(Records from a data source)
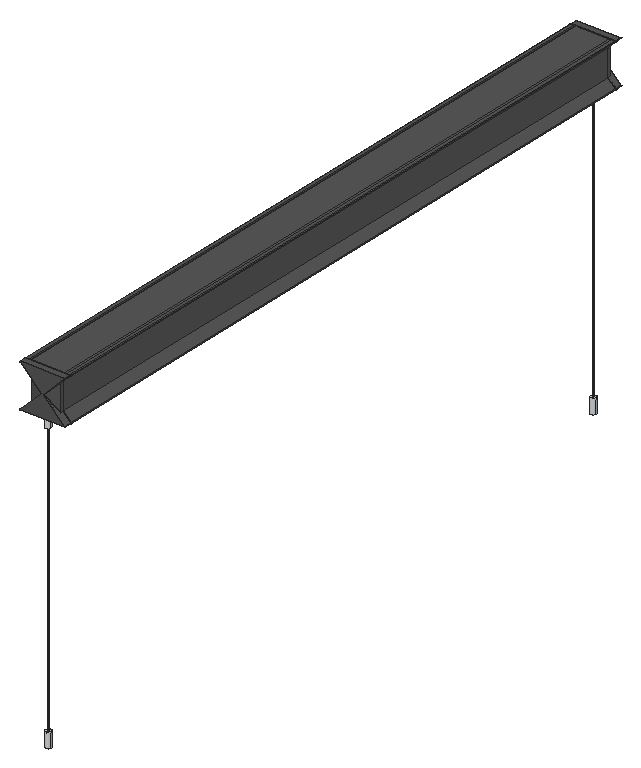
Revit family "LUX-P-D", category Lighting Fixtures, host Face, Revit 2018
Family settings
  Host = Face
  Round Connector Dimension = Use Diameter
  Part Type = Normal
  Cut with Voids When Loaded = No
  Light Source = Yes
  Shared = Yes
  Room Calculation Point = Yes
Parameters (values of type "4' Direct")
  Wattage = 17.6471 W
  built-in parameter 1150110 = 1 (stored number, unit not read)
  Voltage = 0 V
  Type Comments = "LUX ILLUMINAIRE"
  built-in parameter 1114217 = 1 (stored number, unit not read)
  Tilt Angle = 90.00°
  built-in parameter 1150109 = 1 (stored number, unit not read)
  built-in parameter 1150134 = 12
  Switch Leg Visibility = no
  Switch Leg [instance] = ""
  Suspension Length [instance] = 2' - 0"
  built-in parameter 1150113 = 1 (stored number, unit not read)
  Photometric Web File = "LUX P-D 375 4 40K.ies"
  Material [instance] = LUX ILLUMINAIRE Black
  Manufacturer = ""
  built-in parameter 1150105 = 119.37 (stored number, unit not read)
  Lumens = 1500 lm
  built-in parameter 1150115 = 1 (stored number, unit not read)
  built-in parameter 1150137 = (empty or 0)
  built-in parameter 1150139 = (empty or 0)
  built-in parameter 1150112 = 1 (stored number, unit not read)
  built-in parameter 1150114 = 1 (stored number, unit not read)
  Lamp = "LED"
  built-in parameter 1150132 = 2
  built-in parameter 1150102 = (empty or 0)
  built-in parameter 1150107 = 4000 (stored number, unit not read)
  built-in parameter 1150138 = (empty or 0)
  built-in parameter 1150106 = 1.1937 (stored number, unit not read)
  Fixture Width = 0' - 2 1/4"
  Fixture Symbol Visiblity = yes
  Fixture Length = 4' - 0"
  End Cap Height [instance] = Suspension Length - 0' 3 1/16"  # 1' - 8 15/16"
  End Cap - Sculpted = yes
  End Cap - Flat = no
  Emit from Rectangle Width = Fixture Width + 0' 0 1/4"  # 0' - 2 1/2"
  Emit from Rectangle Length = Fixture Length  # 4' - 0"
  Emit Shape Visible in Rendering = yes
  Emergency Lighting [instance] = no
  built-in parameter 1150104 = 7.8968 (stored number, unit not read)
  Dimming Lamp Color Temperature Shift = <None>
  Default Elevation = 4' - 0"
  Color Filter = 16777215
  built-in parameter 1140040 [instance] = 1
  built-in parameter 1114218 = 1 (stored number, unit not read)
  built-in parameter 1150133 = 10 (stored number, unit not read)
  Apparent Load = 12.8 VA
Types (7): name | Wattage | Type Comments | Manufacturer | built-in parameter 1150105 | Lumens | built-in parameter 1150106 | Fixture Length | End Cap - Flat | Emit from Rectangle Length | Apparent Load
  3' Direct | 13.2353 W | "LUX ILLUMINAIRE" | "" | 89.525 (stored number, unit not read) | 1125 lm | 0.89525 (stored number, unit not read) | 3' - 0" | yes | 3' - 0" | 9.6 VA
  4' Direct | 17.6471 W | "LUX ILLUMINAIRE" | "" | 119.37 (stored number, unit not read) | 1500 lm | 1.1937 (stored number, unit not read) | 4' - 0" | no | 4' - 0" | 12.8 VA
  5' Direct | 22.0588 W | "LUX ILLUMINAIRE" | "" | 149.21 (stored number, unit not read) | 1875 lm | 1.4921 (stored number, unit not read) | 5' - 0" | yes | 5' - 0" | 16 VA
  6' Direct | 26.4706 W | 0' - 0" | "LUX ILLUMINAIRE" | 179.05 (stored number, unit not read) | 2250 lm | 1.7905 (stored number, unit not read) | 6' - 0" | yes | 6' - 0" | 19.2 VA
  7' Direct | 30.8824 W | 0' - 0" | "LUX ILLUMINAIRE" | 208.89 (stored number, unit not read) | 2625 lm | 2.0889 (stored number, unit not read) | 7' - 0" | yes | 7' - 0" | 22.4 VA
  8' Direct | 35.2941 W | 0' - 0" | "LUX ILLUMINAIRE" | 238.73 (stored number, unit not read) | 3000 lm | 2.3873 (stored number, unit not read) | 8' - 0" | yes | 8' - 0" | 25.6 VA
  2' Direct | 8.82353 W | "LUX ILLUMINAIRE" | "" | 59.683 (stored number, unit not read) | 750 lm | 0.59683 (stored number, unit not read) | 2' - 0" | yes | 2' - 0" | 6.4 VA
Reference planes (in)
  plane 1 "Center (Front/Back)": y = 0
  plane 2: z = 0
  plane 3 "Center (Left/Right)": x = 0
  plane 4: x = 1.125
  plane 5: x = -1.125
  plane 6: y = 24
  plane 7: y = -24
  plane 8: z = 24
  plane 9: y = 24.25
  plane 10: y = -24.25
  plane 11: z = 1
  plane 12: z = 20.9375
  plane 13: z = 20.1875
  plane 14: y = 24.5
  plane 15: y = -24.5
Forms (in)
  Extrusion 1, solid
    sketch origin (0, 0, 0) x (1, 0, 0) y (0, 1, 0)
      loop
        circle (0.00029, -24) r 0.1875
    from 0 to 1
  Extrusion 2, solid
    sketch origin (0, 0, 0) x (1, 0, 0) y (0, 1, 0)
      loop
        circle (0.0005, -24) r 0.03125
    from 1 to 20.1875
  Extrusion 3, solid
    sketch origin (0, 0, 0) x (1, 0, 0) y (0, 1, 0)
      loop
        circle (0.0005, -24) r 0.18729
    from 20.1875 to 20.9375
  Extrusion 4, solid, not visible
    sketch origin (0, 0, 0) x (1, 0, 0) y (0, 1, 0)
      loop
        circle (0.00029, -24) r 0.1875
    from 0 to 1
  Extrusion 5, solid, not visible
    sketch origin (0, 0, 0) x (1, 0, 0) y (0, 1, 0)
      loop
        circle (0.0005, -24) r 0.03125
    from 1 to 13.33203
  Extrusion 6, solid, not visible
    sketch origin (0, 0, 0) x (1, 0, 0) y (0, 1, 0)
      loop
        circle (0.0005, -24) r 0.18729
    from 13.33203 to 14.08203
  Extrusion 7, solid
    sketch origin (0, 0, 0) x (1, 0, 0) y (0, 1, 0)
      loop
        circle (0.00029, 24) r 0.1875
    from 0 to 1
  Extrusion 8, solid
    sketch origin (0, 0, 0) x (1, 0, 0) y (0, 1, 0)
      loop
        circle (0.0005, 24) r 0.03125
    from 1 to 20.1875
  Extrusion 9, solid
    sketch origin (0, 0, 0) x (1, 0, 0) y (0, 1, 0)
      loop
        circle (0.0005, 24) r 0.18729
    from 20.1875 to 20.9375
  Extrusion 10, solid, material "LUX ILLUMINAIRE Black" <- "Material", visible <- "End Cap - Flat"
    sketch origin (0, 0, 5.14401) x (1, 0, 0) y (0, 0, 1)
      loop
        line (-1.56538, 18.8186) -> (-1.01751, 18.27073) -> (-1.01751, 16.37827) -> (-1.56538, 15.83039)
        arc (-1.56538, 15.83039) -> (-1.56878, 15.80652) -> (-1.54849, 15.7935) r 0.02231
        line (-1.54849, 15.7935) -> (1.54849, 15.7935)
        arc (1.54849, 15.7935) -> (1.56878, 15.80652) -> (1.56538, 15.83039) r 0.02231
        line (1.56538, 15.83039) -> (1.01895, 16.37827) -> (1.01895, 18.27073) -> (1.56683, 18.8186)
        arc (1.56683, 18.8186) -> (1.56878, 18.84247) -> (1.54849, 18.8555) r 0.02231
        line (1.54849, 18.8555) -> (-1.54849, 18.8555)
        arc (-1.54849, 18.8555) -> (-1.56878, 18.84247) -> (-1.56538, 18.8186) r 0.02231
    from 24 to 24.25
  Extrusion 11, solid, material "LUX ILLUMINAIRE Black" <- "Material", visible <- "End Cap - Flat"
    sketch origin (0, 0, 5.14401) x (1, 0, 0) y (0, 0, -1)
      loop
        arc (-1.56538, -18.8186) -> (-1.56878, -18.84247) -> (-1.54849, -18.8555) r 0.02231
        line (-1.54849, -18.8555) -> (1.54849, -18.8555)
        arc (1.54849, -18.8555) -> (1.56878, -18.84247) -> (1.56683, -18.8186) r 0.02231
        line (1.56683, -18.8186) -> (1.01895, -18.27073) -> (1.01895, -16.37827) -> (1.56538, -15.83039)
        arc (1.56538, -15.83039) -> (1.56878, -15.80652) -> (1.54849, -15.7935) r 0.02231
        line (1.54849, -15.7935) -> (-1.54849, -15.7935)
        arc (-1.54849, -15.7935) -> (-1.56878, -15.80652) -> (-1.56538, -15.83039) r 0.02231
        line (-1.56538, -15.83039) -> (-1.01751, -16.37827) -> (-1.01751, -18.27073) -> (-1.56538, -18.8186)
    from 24 to 24.25
  Extrusion 12, solid, material "LUX ILLUMINAIRE Black" <- "Material"
    sketch origin (-1.08741, 0, 33.20202) x (1, 0, 0) y (0, 0, 1)
      loop
        line (2.40203, -12.26452) -> (2.40203, -12.23323) -> (2.22754, -12.26452) -> (-0.05203, -12.26452) -> (-0.22687, -12.23323) -> (-0.22687, -12.26452) -> (-0.46108, -12.26452)
        arc (-0.46108, -12.26452) -> (-0.48137, -12.25149) -> (-0.47797, -12.22763) r 0.02231
        line (-0.47797, -12.22763) -> (0.0699, -11.67975) -> (0.0699, -9.78729) -> (-0.47797, -9.23941)
        arc (-0.47797, -9.23941) -> (-0.48137, -9.21554) -> (-0.46108, -9.20252) r 0.02231
        line (-0.46108, -9.20252) -> (-0.22687, -9.20252) -> (-0.22687, -9.2338) -> (-0.05255, -9.20261) -> (2.22737, -9.20261) -> (2.40203, -9.23386) -> (2.40203, -9.20258) -> (2.6359, -9.20258)
        arc (2.6359, -9.20258) -> (2.65619, -9.2156) -> (2.6528, -9.23947) r 0.02231
        line (2.6528, -9.23947) -> (2.10636, -9.78735) -> (2.10636, -11.67981) -> (2.65424, -12.22763)
        arc (2.65424, -12.22763) -> (2.65619, -12.25149) -> (2.6359, -12.26452) r 0.02231
        line (2.6359, -12.26452) -> (2.40813, -12.26452)
    from -24 to 24
  Extrusion 13, solid, material "LUX ILLUMINAIRE Black" <- "Material", visible <- "End Cap - Sculpted"
    sketch origin (0, 0, 5.14448) x (1, 0, 0) y (0, 0, -1)
      loop
        line (-1.54849, -18.8555) -> (1.54849, -18.8555)
        arc (1.54849, -18.8555) -> (1.56878, -18.84247) -> (1.56683, -18.8186) r 0.02231
        line (1.56683, -18.8186) -> (0.07272, -17.3245) -> (1.56538, -15.83039)
        arc (1.56538, -15.83039) -> (1.56878, -15.80652) -> (1.54849, -15.7935) r 0.02231
        line (1.54849, -15.7935) -> (-1.54849, -15.7935)
        arc (-1.54849, -15.7935) -> (-1.56878, -15.80652) -> (-1.56538, -15.83039) r 0.02231
        line (-1.56538, -15.83039) -> (-0.07128, -17.3245) -> (-1.56538, -18.8186)
        arc (-1.56538, -18.8186) -> (-1.56878, -18.84247) -> (-1.54849, -18.8555) r 0.02231
    from 24 to 24.5
  Extrusion 14, solid, material "LUX ILLUMINAIRE Black" <- "Material", visible <- "End Cap - Sculpted"
    sketch origin (0, 0, 0) x (1, 0, 0) y (0, 1, 0)
      loop
        line (-1.01751, 24) -> (1.01895, 24) -> (1.01895, 24.19087) -> (0.07138, 24.47835) -> (-0.07128, 24.47835) -> (-1.01751, 24.19087) -> (-1.01751, 24)
    from 20.9375 <- "End Cap Height" to 24 <- "Suspension Length"
  Extrusion 15, solid, material "LUX ILLUMINAIRE Black" <- "Material", visible <- "End Cap - Sculpted"
    sketch origin (0, 0, 5.14448) x (1, 0, 0) y (0, 0, 1)
      loop
        arc (-1.54849, 18.8555) -> (-1.56878, 18.84247) -> (-1.56538, 18.8186) r 0.02231
        line (-1.56538, 18.8186) -> (-0.07128, 17.3245) -> (-1.56538, 15.83039)
        arc (-1.56538, 15.83039) -> (-1.56878, 15.80652) -> (-1.54849, 15.7935) r 0.02231
        line (-1.54849, 15.7935) -> (1.54849, 15.7935)
        arc (1.54849, 15.7935) -> (1.56878, 15.80652) -> (1.56538, 15.83039) r 0.02231
        line (1.56538, 15.83039) -> (0.07272, 17.3245) -> (1.56683, 18.8186)
        arc (1.56683, 18.8186) -> (1.56878, 18.84247) -> (1.54849, 18.8555) r 0.02231
        line (1.54849, 18.8555) -> (-1.54849, 18.8555)
    from 24 to 24.5
  Extrusion 16, solid, material "LUX ILLUMINAIRE Black" <- "Material", visible <- "End Cap - Sculpted"
    sketch origin (0, 0, 0) x (1, 0, 0) y (0, 1, 0)
      loop
        line (-1.01751, -24) -> (-1.01751, -24.19087) -> (-0.07128, -24.47835) -> (0.07138, -24.47835) -> (1.01895, -24.19087) -> (1.01895, -24) -> (-1.01751, -24)
    from 20.9375 <- "End Cap Height" to 24 <- "Suspension Length"
Cuts and joins
  joined: Extrusion 15, Extrusion 16
  joined: Extrusion 13, Extrusion 14
Lines and regions (in)
  symbolic lines, visible <- "Fixture Symbol Visiblity"
    curve 1: line (-1.125, 24, 0) -> (1.125, 24, 0)
    curve 2: line (-1.125, -24, 0) -> (-1.125, 24, 0)
    curve 3: line (1.125, -24, 0) -> (-1.125, -24, 0)
    curve 4: line (1.125, 24, 0) -> (1.125, -24, 0)
Dimensions and locks (in)
  plane 5 to plane 4 = 0' - 2 1/4"
  equal spacing: plane 7, plane 1 "Center (Front/Back)", plane 6
  "Fixture Length": plane 7 to plane 6
  plane 8 to host face = 2' - 0"
  plane 6 to plane 9 to plane 14 = 0' - 0 1/4" locked, 0' - 0 1/4" locked
  plane 15 to plane 10 to plane 7 = 0' - 0 1/4" locked, 0' - 0 1/4" locked
  plane 8 to plane 12 to plane 13 = 0' - 3 1/16", 0' - 0 3/4" locked
  "Suspension Length": plane 8 to level
  "Fixture Width": plane 4 to plane 5
  equal spacing: plane 4, plane 3 "Center (Left/Right)", plane 5
  locked: nested 2 to plane 10 at 9.5
  locked: plane 8 to imposter light at 0.03125
  aligned and locked: plane 2 to host face
  aligned and locked: level to host face
  aligned and locked: plane 12 to Extrusion 9
  aligned and locked: Extrusion 9 to plane 13
  aligned and locked: plane 13 to Extrusion 8
  aligned and locked: plane 12 to Extrusion 3
  aligned and locked: Extrusion 3 to plane 13
  aligned and locked: plane 13 to Extrusion 2
  aligned and locked: plane 7 to nested 1
  aligned and locked: plane 6 to curve 1
  aligned and locked: plane 5 to curve 2
  aligned and locked: curve 3 to plane 7
  aligned and locked: curve 4 to plane 4
  aligned and locked: nested 1 to plane 6
  aligned and locked: Extrusion 11 to plane 9
  aligned and locked: cut or joined group of Extrusion 13, Extrusion 14 to plane 14
  aligned and locked: Extrusion 12 to plane 6
  aligned and locked: plane 6 to Extrusion 11
  aligned and locked: plane 6 to cut or joined group of Extrusion 13, Extrusion 14
  aligned and locked: plane 10 to Extrusion 10
  aligned and locked: cut or joined group of Extrusion 15, Extrusion 16 to plane 15
  aligned and locked: plane 7 to Extrusion 12
  aligned and locked: Extrusion 10 to plane 7
  aligned and locked: cut or joined group of Extrusion 15, Extrusion 16 to plane 7
Automatic sketch dimensions
  host sketch curve to host sketch curve = 8' - 0"  (x2)
  plane 7 to Extrusion 1 sketch curve = 0' - 0"
  plane 3 "Center (Left/Right)" to Extrusion 1 sketch curve = 0' - 0.00029"
  plane 7 to Extrusion 2 sketch curve = 0' - 0"
  plane 3 "Center (Left/Right)" to Extrusion 2 sketch curve = 0' - 0.0005"
  plane 7 to Extrusion 3 sketch curve = 0' - 0"
  plane 3 "Center (Left/Right)" to Extrusion 3 sketch curve = 0' - 0.0005"
  plane 6 to Extrusion 7 sketch curve = 0' - 0"
  plane 3 "Center (Left/Right)" to Extrusion 7 sketch curve = 0' - 0.00029"
  plane 6 to Extrusion 8 sketch curve = 0' - 0"
  plane 3 "Center (Left/Right)" to Extrusion 8 sketch curve = 0' - 0.0005"
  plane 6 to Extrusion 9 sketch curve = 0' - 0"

[Exercise directions]
For this exercise, gather every line of the data that contains the word "group".

[Answer for this exercise]
  aligned and locked: cut or joined group of Extrusion 13, Extrusion 14 to plane 14
  aligned and locked: plane 6 to cut or joined group of Extrusion 13, Extrusion 14
  aligned and locked: cut or joined group of Extrusion 15, Extrusion 16 to plane 15
  aligned and locked: cut or joined group of Extrusion 15, Extrusion 16 to plane 7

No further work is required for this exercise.